* Try it *
Below are some entries; set them all down exactly.

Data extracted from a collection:
┄┄┄┄┄┄┄┄┄┄
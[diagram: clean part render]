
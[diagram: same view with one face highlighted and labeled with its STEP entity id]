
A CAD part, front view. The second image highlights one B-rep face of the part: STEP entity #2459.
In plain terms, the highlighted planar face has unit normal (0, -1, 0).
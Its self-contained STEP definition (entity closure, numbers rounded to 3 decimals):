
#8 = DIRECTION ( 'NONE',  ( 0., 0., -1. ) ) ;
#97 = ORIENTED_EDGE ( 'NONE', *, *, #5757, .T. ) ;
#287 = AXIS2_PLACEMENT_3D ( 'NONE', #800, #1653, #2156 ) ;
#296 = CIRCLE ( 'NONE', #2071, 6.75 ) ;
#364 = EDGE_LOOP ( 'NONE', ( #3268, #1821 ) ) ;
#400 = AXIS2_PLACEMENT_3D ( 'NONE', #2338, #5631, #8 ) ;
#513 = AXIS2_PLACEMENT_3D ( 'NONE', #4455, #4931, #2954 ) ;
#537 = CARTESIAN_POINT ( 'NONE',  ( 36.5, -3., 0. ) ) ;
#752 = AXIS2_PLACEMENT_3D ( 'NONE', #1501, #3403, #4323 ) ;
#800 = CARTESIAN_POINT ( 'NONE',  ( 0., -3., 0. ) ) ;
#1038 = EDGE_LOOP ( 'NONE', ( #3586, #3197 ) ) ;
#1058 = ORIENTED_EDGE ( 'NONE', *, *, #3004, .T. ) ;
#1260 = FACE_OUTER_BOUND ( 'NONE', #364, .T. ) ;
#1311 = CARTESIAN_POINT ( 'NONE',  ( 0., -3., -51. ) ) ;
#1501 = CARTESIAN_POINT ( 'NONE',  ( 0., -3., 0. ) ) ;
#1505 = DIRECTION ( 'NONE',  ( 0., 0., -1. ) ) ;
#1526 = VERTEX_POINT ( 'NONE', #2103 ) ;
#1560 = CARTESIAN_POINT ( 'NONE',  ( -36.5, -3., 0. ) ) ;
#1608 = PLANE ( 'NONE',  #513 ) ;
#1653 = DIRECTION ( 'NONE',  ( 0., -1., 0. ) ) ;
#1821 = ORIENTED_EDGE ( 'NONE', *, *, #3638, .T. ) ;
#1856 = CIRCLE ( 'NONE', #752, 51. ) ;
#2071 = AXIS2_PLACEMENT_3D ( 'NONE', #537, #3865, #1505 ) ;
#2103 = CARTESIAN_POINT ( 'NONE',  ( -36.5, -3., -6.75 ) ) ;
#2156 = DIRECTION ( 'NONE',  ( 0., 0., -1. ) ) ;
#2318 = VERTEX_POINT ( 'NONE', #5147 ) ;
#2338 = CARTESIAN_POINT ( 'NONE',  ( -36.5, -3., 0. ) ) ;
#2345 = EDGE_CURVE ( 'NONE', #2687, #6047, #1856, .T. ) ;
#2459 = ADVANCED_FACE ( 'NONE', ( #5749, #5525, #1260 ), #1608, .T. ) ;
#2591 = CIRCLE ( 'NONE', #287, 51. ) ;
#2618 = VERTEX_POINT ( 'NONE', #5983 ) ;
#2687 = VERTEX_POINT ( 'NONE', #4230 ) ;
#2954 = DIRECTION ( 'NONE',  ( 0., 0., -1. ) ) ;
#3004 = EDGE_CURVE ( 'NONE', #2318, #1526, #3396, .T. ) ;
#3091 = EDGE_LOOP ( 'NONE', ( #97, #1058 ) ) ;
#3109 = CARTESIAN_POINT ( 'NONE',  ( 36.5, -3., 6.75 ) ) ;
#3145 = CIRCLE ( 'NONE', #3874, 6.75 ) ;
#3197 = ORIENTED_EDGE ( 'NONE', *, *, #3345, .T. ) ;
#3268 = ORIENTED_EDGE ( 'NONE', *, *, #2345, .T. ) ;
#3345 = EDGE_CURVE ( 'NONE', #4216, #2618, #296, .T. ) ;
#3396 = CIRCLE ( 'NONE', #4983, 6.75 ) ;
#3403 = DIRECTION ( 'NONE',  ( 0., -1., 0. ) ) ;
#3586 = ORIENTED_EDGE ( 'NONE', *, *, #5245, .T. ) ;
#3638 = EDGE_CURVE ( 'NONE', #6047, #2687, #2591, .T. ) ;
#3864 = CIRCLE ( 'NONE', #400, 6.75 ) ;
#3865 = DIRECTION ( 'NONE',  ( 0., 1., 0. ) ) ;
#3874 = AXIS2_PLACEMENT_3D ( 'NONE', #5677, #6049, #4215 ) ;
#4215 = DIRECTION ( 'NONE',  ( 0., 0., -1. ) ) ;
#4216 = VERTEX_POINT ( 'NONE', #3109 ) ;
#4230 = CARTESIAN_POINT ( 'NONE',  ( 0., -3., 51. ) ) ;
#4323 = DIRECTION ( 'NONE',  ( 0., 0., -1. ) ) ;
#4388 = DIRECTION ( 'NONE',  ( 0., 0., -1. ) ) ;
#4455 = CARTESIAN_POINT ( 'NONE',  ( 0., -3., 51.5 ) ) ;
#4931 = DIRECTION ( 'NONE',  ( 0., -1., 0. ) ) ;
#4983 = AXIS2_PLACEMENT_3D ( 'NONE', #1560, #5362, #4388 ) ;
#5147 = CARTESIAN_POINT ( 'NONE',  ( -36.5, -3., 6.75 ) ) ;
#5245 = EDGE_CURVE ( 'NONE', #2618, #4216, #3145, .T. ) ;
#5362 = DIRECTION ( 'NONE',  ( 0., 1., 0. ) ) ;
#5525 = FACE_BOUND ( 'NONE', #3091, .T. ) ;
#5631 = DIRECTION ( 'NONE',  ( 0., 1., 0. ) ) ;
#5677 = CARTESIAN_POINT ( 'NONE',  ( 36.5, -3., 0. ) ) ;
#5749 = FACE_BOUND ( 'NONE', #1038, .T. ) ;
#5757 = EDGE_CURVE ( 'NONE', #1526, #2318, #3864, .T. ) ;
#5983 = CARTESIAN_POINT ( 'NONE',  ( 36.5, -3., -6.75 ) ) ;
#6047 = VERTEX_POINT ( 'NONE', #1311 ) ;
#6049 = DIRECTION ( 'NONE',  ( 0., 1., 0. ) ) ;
┄┄┄┄┄┄┄┄┄┄
* Answer to this problem *
[diagram: clean part render]
[diagram: same view with one face highlighted and labeled with its STEP entity id]
A CAD part, front view. The second image highlights one B-rep face of the part: STEP entity #2459.
In plain terms, the highlighted planar face has unit normal (0, -1, 0).
Its self-contained STEP definition (entity closure, numbers rounded to 3 decimals):
#8 = DIRECTION ( 'NONE',  ( 0., 0., -1. ) ) ;
#97 = ORIENTED_EDGE ( 'NONE', *, *, #5757, .T. ) ;
#287 = AXIS2_PLACEMENT_3D ( 'NONE', #800, #1653, #2156 ) ;
#296 = CIRCLE ( 'NONE', #2071, 6.75 ) ;
#364 = EDGE_LOOP ( 'NONE', ( #3268, #1821 ) ) ;
#400 = AXIS2_PLACEMENT_3D ( 'NONE', #2338, #5631, #8 ) ;
#513 = AXIS2_PLACEMENT_3D ( 'NONE', #4455, #4931, #2954 ) ;
#537 = CARTESIAN_POINT ( 'NONE',  ( 36.5, -3., 0. ) ) ;
#752 = AXIS2_PLACEMENT_3D ( 'NONE', #1501, #3403, #4323 ) ;
#800 = CARTESIAN_POINT ( 'NONE',  ( 0., -3., 0. ) ) ;
#1038 = EDGE_LOOP ( 'NONE', ( #3586, #3197 ) ) ;
#1058 = ORIENTED_EDGE ( 'NONE', *, *, #3004, .T. ) ;
#1260 = FACE_OUTER_BOUND ( 'NONE', #364, .T. ) ;
#1311 = CARTESIAN_POINT ( 'NONE',  ( 0., -3., -51. ) ) ;
#1501 = CARTESIAN_POINT ( 'NONE',  ( 0., -3., 0. ) ) ;
#1505 = DIRECTION ( 'NONE',  ( 0., 0., -1. ) ) ;
#1526 = VERTEX_POINT ( 'NONE', #2103 ) ;
#1560 = CARTESIAN_POINT ( 'NONE',  ( -36.5, -3., 0. ) ) ;
#1608 = PLANE ( 'NONE',  #513 ) ;
#1653 = DIRECTION ( 'NONE',  ( 0., -1., 0. ) ) ;
#1821 = ORIENTED_EDGE ( 'NONE', *, *, #3638, .T. ) ;
#1856 = CIRCLE ( 'NONE', #752, 51. ) ;
#2071 = AXIS2_PLACEMENT_3D ( 'NONE', #537, #3865, #1505 ) ;
#2103 = CARTESIAN_POINT ( 'NONE',  ( -36.5, -3., -6.75 ) ) ;
#2156 = DIRECTION ( 'NONE',  ( 0., 0., -1. ) ) ;
#2318 = VERTEX_POINT ( 'NONE', #5147 ) ;
#2338 = CARTESIAN_POINT ( 'NONE',  ( -36.5, -3., 0. ) ) ;
#2345 = EDGE_CURVE ( 'NONE', #2687, #6047, #1856, .T. ) ;
#2459 = ADVANCED_FACE ( 'NONE', ( #5749, #5525, #1260 ), #1608, .T. ) ;
#2591 = CIRCLE ( 'NONE', #287, 51. ) ;
#2618 = VERTEX_POINT ( 'NONE', #5983 ) ;
#2687 = VERTEX_POINT ( 'NONE', #4230 ) ;
#2954 = DIRECTION ( 'NONE',  ( 0., 0., -1. ) ) ;
#3004 = EDGE_CURVE ( 'NONE', #2318, #1526, #3396, .T. ) ;
#3091 = EDGE_LOOP ( 'NONE', ( #97, #1058 ) ) ;
#3109 = CARTESIAN_POINT ( 'NONE',  ( 36.5, -3., 6.75 ) ) ;
#3145 = CIRCLE ( 'NONE', #3874, 6.75 ) ;
#3197 = ORIENTED_EDGE ( 'NONE', *, *, #3345, .T. ) ;
#3268 = ORIENTED_EDGE ( 'NONE', *, *, #2345, .T. ) ;
#3345 = EDGE_CURVE ( 'NONE', #4216, #2618, #296, .T. ) ;
#3396 = CIRCLE ( 'NONE', #4983, 6.75 ) ;
#3403 = DIRECTION ( 'NONE',  ( 0., -1., 0. ) ) ;
#3586 = ORIENTED_EDGE ( 'NONE', *, *, #5245, .T. ) ;
#3638 = EDGE_CURVE ( 'NONE', #6047, #2687, #2591, .T. ) ;
#3864 = CIRCLE ( 'NONE', #400, 6.75 ) ;
#3865 = DIRECTION ( 'NONE',  ( 0., 1., 0. ) ) ;
#3874 = AXIS2_PLACEMENT_3D ( 'NONE', #5677, #6049, #4215 ) ;
#4215 = DIRECTION ( 'NONE',  ( 0., 0., -1. ) ) ;
#4216 = VERTEX_POINT ( 'NONE', #3109 ) ;
#4230 = CARTESIAN_POINT ( 'NONE',  ( 0., -3., 51. ) ) ;
#4323 = DIRECTION ( 'NONE',  ( 0., 0., -1. ) ) ;
#4388 = DIRECTION ( 'NONE',  ( 0., 0., -1. ) ) ;
#4455 = CARTESIAN_POINT ( 'NONE',  ( 0., -3., 51.5 ) ) ;
#4931 = DIRECTION ( 'NONE',  ( 0., -1., 0. ) ) ;
#4983 = AXIS2_PLACEMENT_3D ( 'NONE', #1560, #5362, #4388 ) ;
#5147 = CARTESIAN_POINT ( 'NONE',  ( -36.5, -3., 6.75 ) ) ;
#5245 = EDGE_CURVE ( 'NONE', #2618, #4216, #3145, .T. ) ;
#5362 = DIRECTION ( 'NONE',  ( 0., 1., 0. ) ) ;
#5525 = FACE_BOUND ( 'NONE', #3091, .T. ) ;
#5631 = DIRECTION ( 'NONE',  ( 0., 1., 0. ) ) ;
#5677 = CARTESIAN_POINT ( 'NONE',  ( 36.5, -3., 0. ) ) ;
#5749 = FACE_BOUND ( 'NONE', #1038, .T. ) ;
#5757 = EDGE_CURVE ( 'NONE', #1526, #2318, #3864, .T. ) ;
#5983 = CARTESIAN_POINT ( 'NONE',  ( 36.5, -3., -6.75 ) ) ;
#6047 = VERTEX_POINT ( 'NONE', #1311 ) ;
#6049 = DIRECTION ( 'NONE',  ( 0., 1., 0. ) ) ;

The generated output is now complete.